Task goal | Among the entries below, find the lines with the word "import" and return them.

Dataset entries
* * *

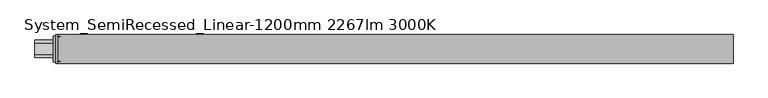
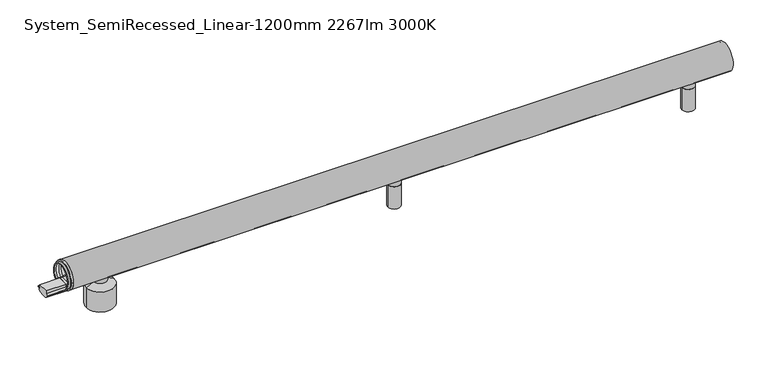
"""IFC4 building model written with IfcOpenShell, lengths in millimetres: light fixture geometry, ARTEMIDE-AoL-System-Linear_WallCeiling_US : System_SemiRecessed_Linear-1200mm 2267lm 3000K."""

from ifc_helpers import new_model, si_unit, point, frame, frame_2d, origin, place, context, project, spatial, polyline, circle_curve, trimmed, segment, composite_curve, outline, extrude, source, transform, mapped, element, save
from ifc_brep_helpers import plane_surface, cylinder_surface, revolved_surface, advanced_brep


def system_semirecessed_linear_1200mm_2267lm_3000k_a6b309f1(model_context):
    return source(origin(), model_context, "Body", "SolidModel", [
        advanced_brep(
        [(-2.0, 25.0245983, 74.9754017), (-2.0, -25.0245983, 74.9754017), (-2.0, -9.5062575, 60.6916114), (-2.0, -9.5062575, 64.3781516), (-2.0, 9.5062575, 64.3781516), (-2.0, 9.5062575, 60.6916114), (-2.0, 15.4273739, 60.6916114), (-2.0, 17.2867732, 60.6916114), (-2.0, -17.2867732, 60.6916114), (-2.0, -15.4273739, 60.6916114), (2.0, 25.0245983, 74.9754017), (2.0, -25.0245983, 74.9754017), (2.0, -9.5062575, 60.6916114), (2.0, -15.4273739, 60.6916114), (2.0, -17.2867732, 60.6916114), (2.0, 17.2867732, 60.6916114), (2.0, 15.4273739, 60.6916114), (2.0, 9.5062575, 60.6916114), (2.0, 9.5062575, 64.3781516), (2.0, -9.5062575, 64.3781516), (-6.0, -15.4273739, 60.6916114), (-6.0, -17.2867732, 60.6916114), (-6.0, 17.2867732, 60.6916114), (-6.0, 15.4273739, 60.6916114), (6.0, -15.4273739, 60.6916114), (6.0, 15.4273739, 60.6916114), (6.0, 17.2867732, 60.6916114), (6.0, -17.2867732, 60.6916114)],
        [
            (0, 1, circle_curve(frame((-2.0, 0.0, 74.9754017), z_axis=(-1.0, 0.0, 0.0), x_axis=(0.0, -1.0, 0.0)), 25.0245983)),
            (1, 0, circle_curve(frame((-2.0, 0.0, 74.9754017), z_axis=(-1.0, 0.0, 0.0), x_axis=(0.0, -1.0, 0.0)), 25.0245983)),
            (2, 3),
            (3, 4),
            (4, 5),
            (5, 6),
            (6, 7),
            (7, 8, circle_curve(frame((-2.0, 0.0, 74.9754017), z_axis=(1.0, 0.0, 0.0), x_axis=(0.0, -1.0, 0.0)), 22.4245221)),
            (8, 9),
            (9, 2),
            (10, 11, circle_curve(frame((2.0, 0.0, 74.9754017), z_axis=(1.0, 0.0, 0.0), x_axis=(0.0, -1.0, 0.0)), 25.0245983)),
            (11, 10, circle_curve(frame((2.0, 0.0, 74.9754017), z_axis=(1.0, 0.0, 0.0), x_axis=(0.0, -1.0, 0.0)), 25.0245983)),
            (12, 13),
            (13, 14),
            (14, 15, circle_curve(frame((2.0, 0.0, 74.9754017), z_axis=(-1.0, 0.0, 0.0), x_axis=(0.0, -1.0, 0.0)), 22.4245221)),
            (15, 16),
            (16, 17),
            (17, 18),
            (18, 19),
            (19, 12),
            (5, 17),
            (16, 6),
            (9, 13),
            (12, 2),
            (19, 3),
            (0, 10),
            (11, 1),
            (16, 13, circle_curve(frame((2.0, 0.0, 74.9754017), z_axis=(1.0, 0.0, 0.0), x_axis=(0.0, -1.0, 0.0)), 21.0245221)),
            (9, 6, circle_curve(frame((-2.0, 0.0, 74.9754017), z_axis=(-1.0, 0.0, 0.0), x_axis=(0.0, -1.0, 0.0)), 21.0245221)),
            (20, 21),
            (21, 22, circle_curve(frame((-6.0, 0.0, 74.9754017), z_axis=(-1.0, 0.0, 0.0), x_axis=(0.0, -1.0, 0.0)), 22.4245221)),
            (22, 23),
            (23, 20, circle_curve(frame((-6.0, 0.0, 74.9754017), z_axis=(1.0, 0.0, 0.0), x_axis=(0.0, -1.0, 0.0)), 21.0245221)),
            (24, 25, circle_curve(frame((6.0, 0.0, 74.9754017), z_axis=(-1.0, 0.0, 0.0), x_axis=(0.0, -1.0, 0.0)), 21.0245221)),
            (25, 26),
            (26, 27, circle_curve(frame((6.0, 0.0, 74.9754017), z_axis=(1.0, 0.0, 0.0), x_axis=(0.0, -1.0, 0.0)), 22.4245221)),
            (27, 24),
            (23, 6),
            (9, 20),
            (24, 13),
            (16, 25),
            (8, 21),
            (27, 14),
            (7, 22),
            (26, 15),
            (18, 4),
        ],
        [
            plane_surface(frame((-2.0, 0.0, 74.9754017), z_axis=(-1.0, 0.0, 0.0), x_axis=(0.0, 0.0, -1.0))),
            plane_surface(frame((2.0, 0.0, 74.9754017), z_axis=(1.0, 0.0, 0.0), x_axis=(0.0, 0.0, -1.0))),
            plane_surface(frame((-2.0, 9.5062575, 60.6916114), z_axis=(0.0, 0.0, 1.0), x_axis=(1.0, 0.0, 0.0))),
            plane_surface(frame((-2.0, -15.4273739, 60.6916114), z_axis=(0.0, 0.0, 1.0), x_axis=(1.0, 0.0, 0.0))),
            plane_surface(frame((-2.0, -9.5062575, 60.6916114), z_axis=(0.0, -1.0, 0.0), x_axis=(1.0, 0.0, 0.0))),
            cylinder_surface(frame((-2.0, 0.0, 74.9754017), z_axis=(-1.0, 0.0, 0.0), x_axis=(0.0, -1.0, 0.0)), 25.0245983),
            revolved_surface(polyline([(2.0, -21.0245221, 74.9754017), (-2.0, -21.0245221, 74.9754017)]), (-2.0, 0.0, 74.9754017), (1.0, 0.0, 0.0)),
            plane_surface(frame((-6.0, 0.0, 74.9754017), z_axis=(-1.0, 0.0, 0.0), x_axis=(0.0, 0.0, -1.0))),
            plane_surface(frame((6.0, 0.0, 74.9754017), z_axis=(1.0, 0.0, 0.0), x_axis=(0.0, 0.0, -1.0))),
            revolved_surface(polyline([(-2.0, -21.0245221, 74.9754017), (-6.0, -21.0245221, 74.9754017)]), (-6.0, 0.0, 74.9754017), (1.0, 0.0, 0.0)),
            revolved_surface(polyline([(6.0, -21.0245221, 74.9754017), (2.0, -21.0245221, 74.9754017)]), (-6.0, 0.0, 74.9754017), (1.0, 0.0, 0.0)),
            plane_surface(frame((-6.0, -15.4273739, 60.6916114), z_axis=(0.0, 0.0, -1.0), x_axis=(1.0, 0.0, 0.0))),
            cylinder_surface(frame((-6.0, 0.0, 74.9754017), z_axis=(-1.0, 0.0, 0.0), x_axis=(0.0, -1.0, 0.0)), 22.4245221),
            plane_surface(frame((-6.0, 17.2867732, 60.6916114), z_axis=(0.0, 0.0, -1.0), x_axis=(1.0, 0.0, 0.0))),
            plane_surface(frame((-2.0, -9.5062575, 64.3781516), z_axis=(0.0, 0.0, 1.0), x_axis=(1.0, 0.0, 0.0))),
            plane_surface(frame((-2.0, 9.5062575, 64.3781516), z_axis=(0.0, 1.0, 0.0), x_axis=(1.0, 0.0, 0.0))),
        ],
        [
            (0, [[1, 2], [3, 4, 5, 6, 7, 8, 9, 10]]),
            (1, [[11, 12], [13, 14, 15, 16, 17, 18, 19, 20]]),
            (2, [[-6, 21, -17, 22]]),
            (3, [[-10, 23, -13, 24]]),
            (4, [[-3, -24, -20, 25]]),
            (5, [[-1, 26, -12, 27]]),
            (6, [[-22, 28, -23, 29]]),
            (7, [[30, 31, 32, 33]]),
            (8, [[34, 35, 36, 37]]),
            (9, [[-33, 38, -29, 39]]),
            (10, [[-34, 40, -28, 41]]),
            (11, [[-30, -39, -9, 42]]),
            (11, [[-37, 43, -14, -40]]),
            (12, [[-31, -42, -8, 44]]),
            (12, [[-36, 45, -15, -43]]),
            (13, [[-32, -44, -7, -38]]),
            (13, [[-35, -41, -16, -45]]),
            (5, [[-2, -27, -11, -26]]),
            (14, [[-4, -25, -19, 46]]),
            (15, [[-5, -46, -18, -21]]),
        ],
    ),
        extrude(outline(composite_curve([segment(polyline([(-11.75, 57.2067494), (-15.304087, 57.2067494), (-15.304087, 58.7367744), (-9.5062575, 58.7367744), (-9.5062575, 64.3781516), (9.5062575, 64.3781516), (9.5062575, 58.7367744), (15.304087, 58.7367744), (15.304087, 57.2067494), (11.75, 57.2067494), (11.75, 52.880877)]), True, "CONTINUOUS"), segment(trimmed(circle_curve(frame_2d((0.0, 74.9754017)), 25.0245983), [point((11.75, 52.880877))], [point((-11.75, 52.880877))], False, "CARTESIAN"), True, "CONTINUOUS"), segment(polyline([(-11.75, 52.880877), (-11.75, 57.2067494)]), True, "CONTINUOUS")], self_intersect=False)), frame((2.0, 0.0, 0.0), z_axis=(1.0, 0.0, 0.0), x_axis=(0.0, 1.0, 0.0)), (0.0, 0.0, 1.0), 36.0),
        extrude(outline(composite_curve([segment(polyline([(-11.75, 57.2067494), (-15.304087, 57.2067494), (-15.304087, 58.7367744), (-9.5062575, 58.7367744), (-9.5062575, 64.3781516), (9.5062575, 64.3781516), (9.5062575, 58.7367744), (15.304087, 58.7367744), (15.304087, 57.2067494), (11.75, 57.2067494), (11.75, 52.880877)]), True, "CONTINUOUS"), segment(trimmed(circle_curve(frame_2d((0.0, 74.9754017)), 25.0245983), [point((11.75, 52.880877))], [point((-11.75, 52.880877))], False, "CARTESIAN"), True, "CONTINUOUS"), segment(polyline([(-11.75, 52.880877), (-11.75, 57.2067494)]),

* * *

Response to this exercise |
from ifc_helpers import new_model, si_unit, point, frame, frame_2d, origin, place, context, project, spatial, polyline, circle_curve, trimmed, segment, composite_curve, outline, extrude, source, transform, mapped, element, save
from ifc_brep_helpers import plane_surface, cylinder_surface, revolved_surface, advanced_brep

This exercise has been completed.